Re: [Corpora-List] ACL proceedings paper in the American National Corpus

From: Nancy Ide (ide@cs.vassar.edu)
Date: Tue Oct 01 2002 - 20:27:10 MET DST

  • Next message: Josephine Lo: "[Corpora-List] Concordancer for Chinese (Summary of reply)"

    On Tuesday, October 1, 2002, at 04:08 AM, Michal Sulc wrote:

    > I have read some remarks to the first question given by Ms Ide. But
    > nowhere there was any distinction between "points of view" that I
    > consider important here. Distinction between the corpus of "production"
    > (where we are interested who wrote the text in the question - whether
    > he
    > or she is "really" American) and "reception" (where we are interested
    > in
    > texts that are read by Americans and has an influence on them).
    > What do ANC-builders prefer?

    I think that we "ANC-builders" are working to satisfy the "ANC-users"
    ;-), but this is my own take on the issue:

    The idea is to have a corpus that includes data from which one can
    gather information about how American English is commonly used, perhaps
    in particular in various mainstream publications.
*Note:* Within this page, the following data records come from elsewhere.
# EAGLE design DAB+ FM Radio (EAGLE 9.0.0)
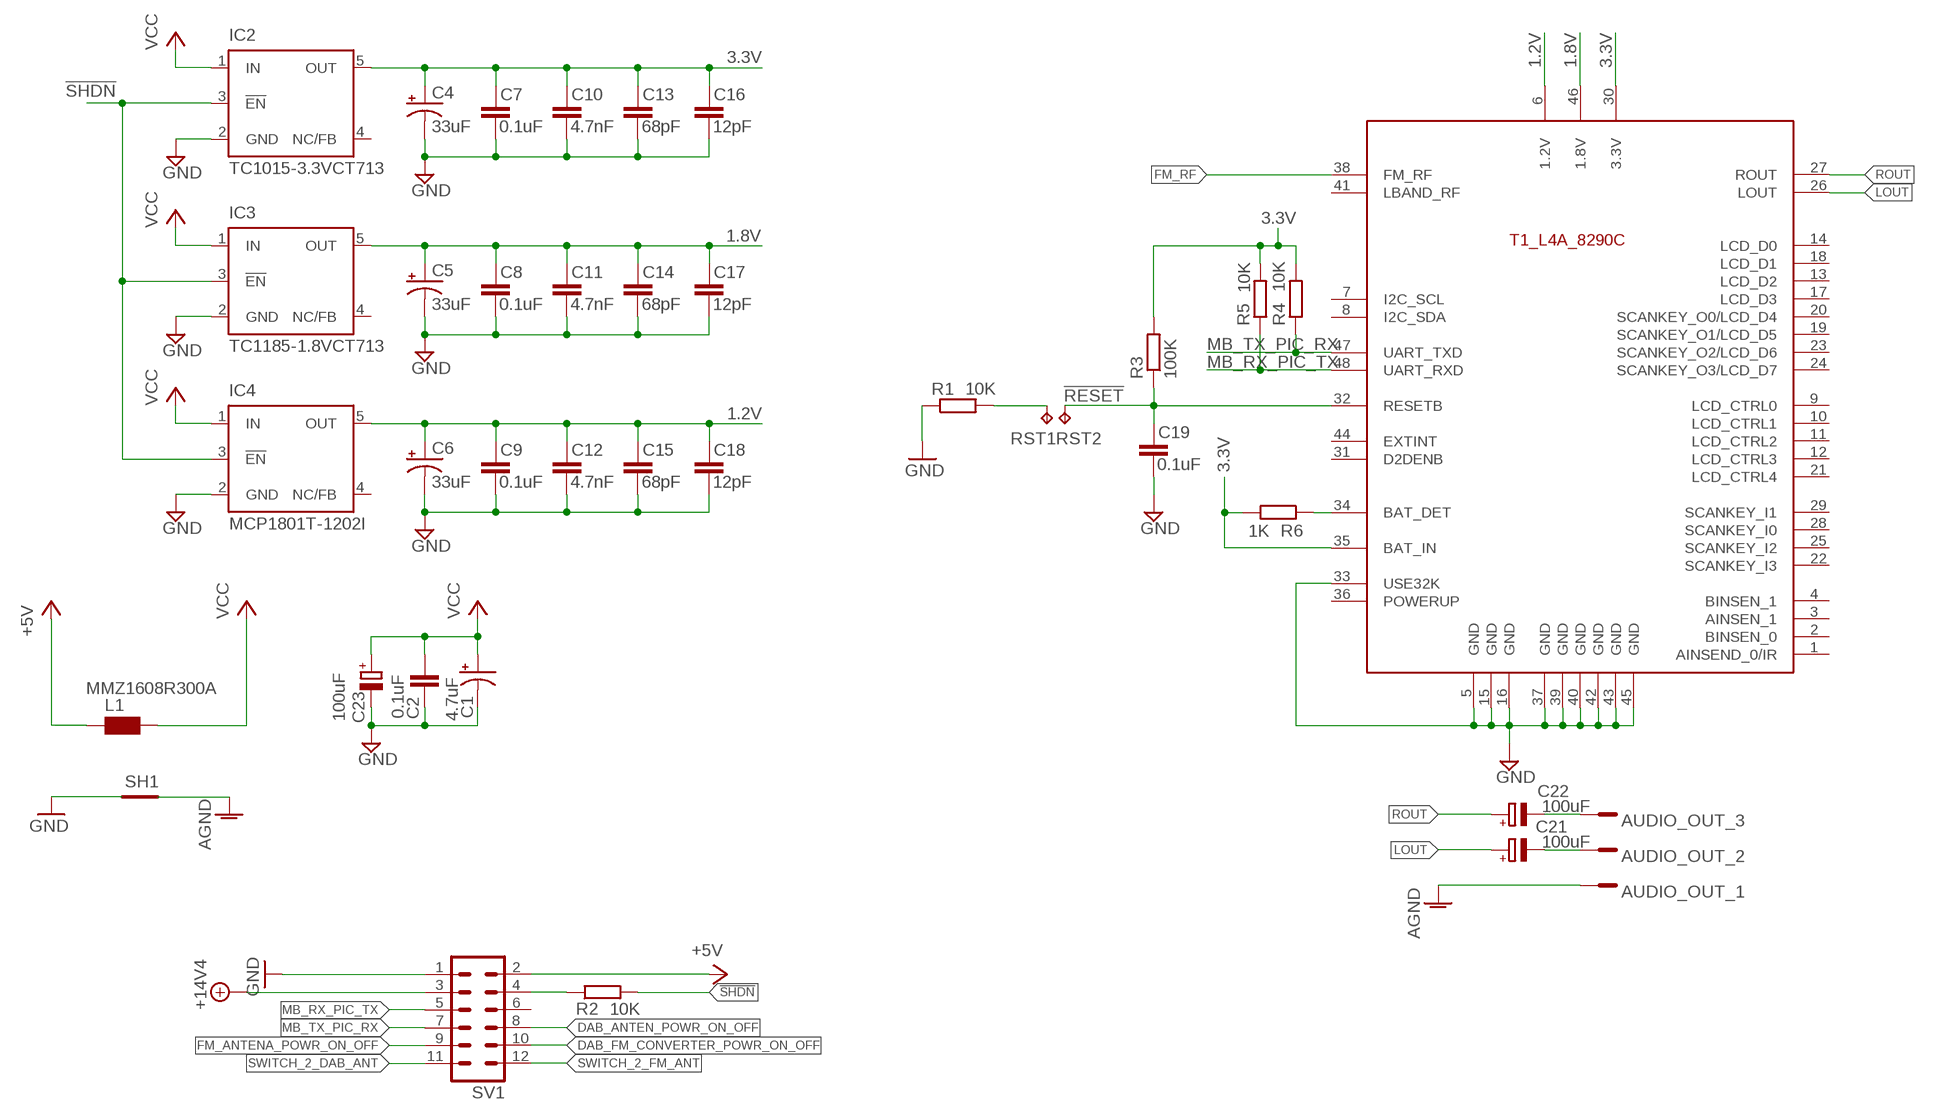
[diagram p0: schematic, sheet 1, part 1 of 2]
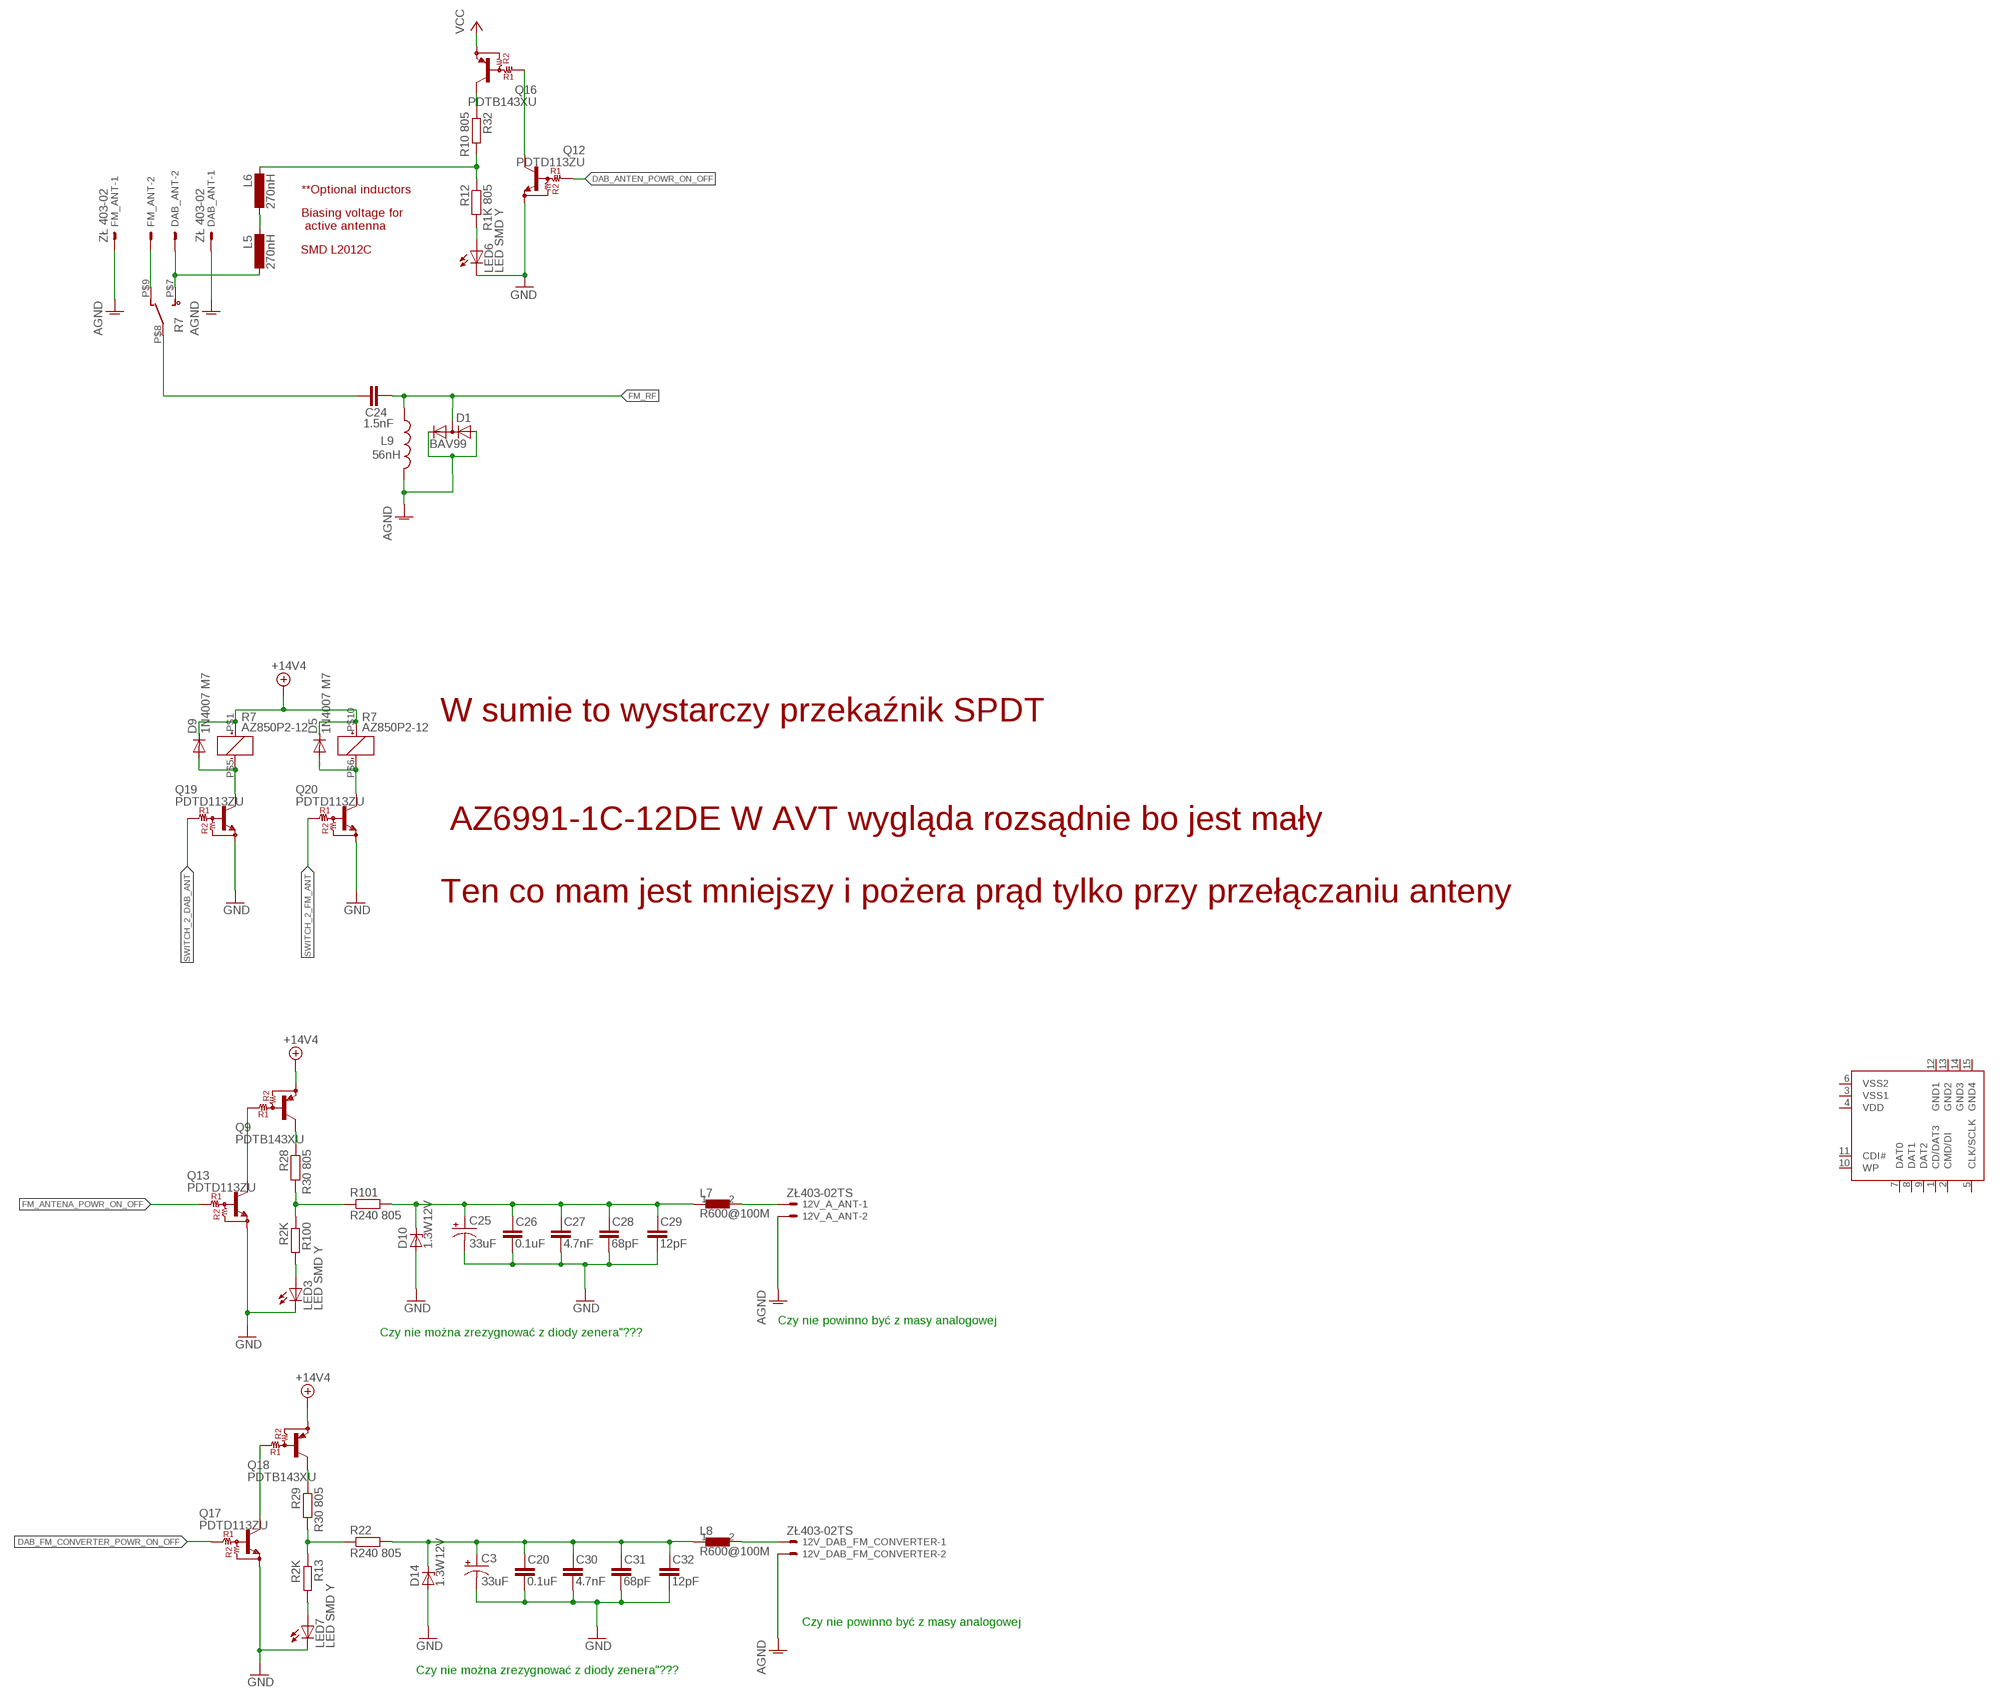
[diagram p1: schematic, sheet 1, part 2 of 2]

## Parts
12V_A_ANT  ZŁ403-02TS  22-23-2021  [22-23-2021]
12V_DAB_FM_CONVERTER  ZŁ403-02TS  22-23-2021  [22-23-2021]
AUDIO_OUT  JST_3_PIN_B3B-PH-KS  [B3B-PH-KS]
C1  4.7uF  CAP_POL1206  [EIA3216]
C2  0.1uF  C-EUC0603  [C0603]
C3  33uF  CAP_POL1206  [EIA3216]
C4  33uF  CAP_POL1206  [EIA3216]
C5  33uF  CAP_POL1206  [EIA3216]
C6  33uF  CAP_POL1206  [EIA3216]
C7  0.1uF  C-EUC0603  [C0603]
C8  0.1uF  C-EUC0603  [C0603]
C9  0.1uF  C-EUC0603  [C0603]
C10  4.7nF  C-EUC0603  [C0603]
C11  4.7nF  C-EUC0603  [C0603]
C12  4.7nF  C-EUC0603  [C0603]
C13  68pF  C-EUC0603  [C0603]
C14  68pF  C-EUC0603  [C0603]
C15  68pF  C-EUC0603  [C0603]
C16  12pF  C-EUC0603  [C0603]
C17  12pF  C-EUC0603  [C0603]
C18  12pF  C-EUC0603  [C0603]
C19  0.1uF  C-EUC0603  [C0603]
C20  0.1uF  C-EUC0603  [C0603]
C21  100uF  CPOL-EUD  [PANASONIC_D]
C22  100uF  CPOL-EUD  [PANASONIC_D]
C23  100uF  CPOL-EUD  [PANASONIC_D]
C24  1.5nF  C-EUC0603  [C0603]
C25  33uF  CAP_POL1206  [EIA3216]
C26  0.1uF  C-EUC0603  [C0603]
C27  4.7nF  C-EUC0603  [C0603]
C28  68pF  C-EUC0603  [C0603]
C29  12pF  C-EUC0603  [C0603]
C30  4.7nF  C-EUC0603  [C0603]
C31  68pF  C-EUC0603  [C0603]
C32  12pF  C-EUC0603  [C0603]
D1  BAV99  BAV199  [SOT23]
D5  1N4007 M7  CGRM4001-G  [SOD-123_MINI-SMA]
D9  1N4007 M7  CGRM4001-G  [SOD-123_MINI-SMA]
D10  1.3W12V  ZENER-DIODEZD-2.5  [ZDIO-2.5]
D14  1.3W12V  ZENER-DIODEZD-2.5  [ZDIO-2.5]
DAB_ANT  ZŁ 403-02  22-27-2021-02  [6410-02]
FM_ANT  ZŁ 403-02  22-27-2021-02  [6410-02]
IC2  TC1015-3.3VCT713  TPS77001  [SOT23-DBV]
IC3  TC1185-1.8VCT713  TPS77001  [SOT23-DBV]
IC4  MCP1801T-1202I  TPS77001  [SOT23-DBV]
L1  MMZ1608R300A  WE-CBF_0603  [0603]
L5  270nH  L-EUL2012C  [L2012C]
L6  270nH  L-EUL2012C  [L2012C]
L7  R600@100M  FERRITR0805  [R0805]
L8  R600@100M  FERRITR0805  [R0805]
L9  56nH  INDUCTOR0603  [0603]
LED3  LED SMD Y  LED  [SMARTLED-TTW]
LED6  LED SMD Y  LED  [SMARTLED-TTW]
LED7  LED SMD Y  LED  [SMARTLED-TTW]
Q9  PDTB143XU  [SOT-23]
Q12  PDTD113ZU  [SOT-23]
Q13  PDTD113ZU  [SOT-23]
Q16  PDTB143XU  [SOT-23]
Q17  PDTD113ZU  [SOT-23]
Q18  PDTB143XU  [SOT-23]
Q19  PDTD113ZU  [SOT-23]
Q20  PDTD113ZU  [SOT-23]
R1  10K  R-EU_R0603  [R0603]
R2  10K  R-EU_R0603  [R0603]
R3  100K  R-EU_R0603  [R0603]
R4  10K  R-EU_R0603  [R0603]
R5  10K  R-EU_R0603  [R0603]
R6  1K  R-EU_R0603  [R0603]
R7  AZ850P2-12  [AZ850-2C]
R12  R1K 805  R-EU_R0805  [R0805]
R13  R2K  R-EU_R0805  [R0805]
R22  R240 805  R-EU_M0805  [M0805]
R28  R30 805  R-EU_R0805  [R0805]
R29  R30 805  R-EU_R0805  [R0805]
R32  R10 805  R-EU_R0805  [R0805]
R100  R2K  R-EU_R0805  [R0805]
R101  R240 805  R-EU_M0805  [M0805]
RST1  TPB1,27  [B1,27]
RST2  TPB1,27  [B1,27]
SH1  SHORT-HT5  [SHORT_TOP-50]
SV1  MA06-2  [MA06-2]
U$1  T1_L4A_8290C/T2_L4A_8650C  T1_L4A_8290C  [T1_L4A]
U$6  ZŁ KART SD  SDCARDVAR2  [SDCMF-10915W010]

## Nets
1.2V: C6.A(+) C9.1 C12.1 C15.1 C18.1 IC4.5(OUT) U$1.6(1.2V)
1.8V: C5.A(+) C8.1 C11.1 C14.1 C17.1 IC3.5(OUT) U$1.46(1.8V)
3.3V: C4.A(+) C7.1 C10.1 C13.1 C16.1 IC2.5(OUT) R3.2 R4.2 R5.2 R6.2 U$1.30(3.3V) U$1.35(BAT_IN)
!RESET!: C19.1 R3.1 RST2.TP U$1.32(RESETB)
!SHDN!: IC2.3(!EN) IC3.3(!EN) IC4.3(!EN) R2.2
+5V: L1.1 SV1.2
+12V: D5.C D9.C Q9.2(E) Q18.2(E) R7.P$1(S$1:+) R7.P$10(R$2:+) SV1.3 ; supply symbol labelled +14V4
AGND: 12V_A_ANT.2 12V_DAB_FM_CONVERTER.2 AUDIO_OUT.P$1 D1.1(A) D1.2(C) DAB_ANT.1 FM_ANT.1 L9.2 SH1.2
DAB_ANTEN_POWR_ON_OFF: Q12.1(B) SV1.8
DAB_FM_CONVERTER_POWR_ON_OFF: Q17.1(B) SV1.10
FM_ANTENA_POWR_ON_OFF: Q13.1(B) SV1.9
FM_RF: C24.2 D1.3(AC) L9.1 U$1.38(FM_RF)
GND: C1.C(-) C2.2 C3.C(-) C4.C(-) C5.C(-) C6.C(-) C7.2 C8.2 C9.2 C10.2 C11.2 C12.2 C13.2 C14.2 C15.2 C16.2 C17.2 C18.2 C19.2 C20.2 C23.- C25.C(-) C26.2 C27.2 C28.2 C29.2 C30.2 C31.2 C32.2 D10.A D14.A IC2.2(GND) IC3.2(GND) IC4.2(GND) LED3.C@1(C) LED6.C@1(C) LED7.C@1(C) Q12.2(E) Q13.2(E) Q17.2(E) Q19.2(E) Q20.2(E) R1.1 SH1.1 SV1.1 U$1.5(GND) U$1.15(GND) U$1.16(GND) U$1.33(USE32K) U$1.37(GND) U$1.39(GND) U$1.40(GND) U$1.42(GND) U$1.43(GND) U$1.45(GND)
LOUT: C21.+ U$1.26(LOUT)
MB_RX_PIC_TX: R5.1 SV1.5 U$1.48(UART_RXD)
MB_TX_PIC_RX: R4.1 SV1.7 U$1.47(UART_TXD)
N$1: D5.A Q20.3(C) R7.P$6(R$2:-)
N$2: D9.A Q19.3(C) R7.P$5(S$1:-)
N$3: R6.1 U$1.34(BAT_DET)
N$4: C24.1 R7.P$8
N$5: DAB_ANT.2 L5.2 R7.P$7
N$6: AUDIO_OUT.P$3 C22.-
N$7: FM_ANT.2 R7.P$9
N$8: AUDIO_OUT.P$2 C21.-
N$9: L6.1 R12.1 R32.2
N$10: R2.1 SV1.4
N$12: L5.1 L6.2
N$13: R1.2 RST1.TP
N$20: Q12.3(C) Q16.1(B)
N$23: LED6.A@1(A) R12.2
N$25: Q17.3(C) Q18.1(B)
N$26: R13.1 R22.1 R29.2
N$27: LED7.A@1(A) R13.2
N$29: C3.A(+) C20.1 C30.1 C31.1 C32.1 D14.C L8.1 R22.2
N$30: 12V_DAB_FM_CONVERTER.1 L8.2
N$33: Q16.3(C) R32.1
N$34: Q9.3(C) R28.1
N$35: Q18.3(C) R29.1
N$85: Q9.1(B) Q13.3(C)
N$87: R28.2 R100.1 R101.1
N$88: LED3.A@1(A) R100.2
N$91: C25.A(+) C26.1 C27.1 C28.1 C29.1 D10.C L7.1 R101.2
N$92: 12V_A_ANT.1 L7.2
ROUT: C22.+ U$1.27(ROUT)
SWITCH_2_DAB_ANT: Q19.1(B) SV1.11
SWITCH_2_FM_ANT: Q20.1(B) SV1.12
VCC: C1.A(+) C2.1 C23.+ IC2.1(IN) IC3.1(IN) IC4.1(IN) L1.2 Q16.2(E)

Likely, you are
    trying to produce some publication that will provide guidance on word
    use, spelling, syntactic constructions, etc. that would most make you
    sound like a native speaker and able to fully understand texts written
    by and for American English speakers. Or, in the case of a
    computational linguist, you want to be able to recognize or generate
    lexical items or syntactic constructions that are common in, or typical
    of, American English--especially those which differ from, say, British
    English. Beyond this, you get into things that are correct, by American
    "rules" of grammar and usage, and perfectly understandable, but "just
    not the way we would phrase it". This is usually the way in which even
    the most proficient non-native speaker will eventually betray him or
    herself, so it is certainly of interest for ESL.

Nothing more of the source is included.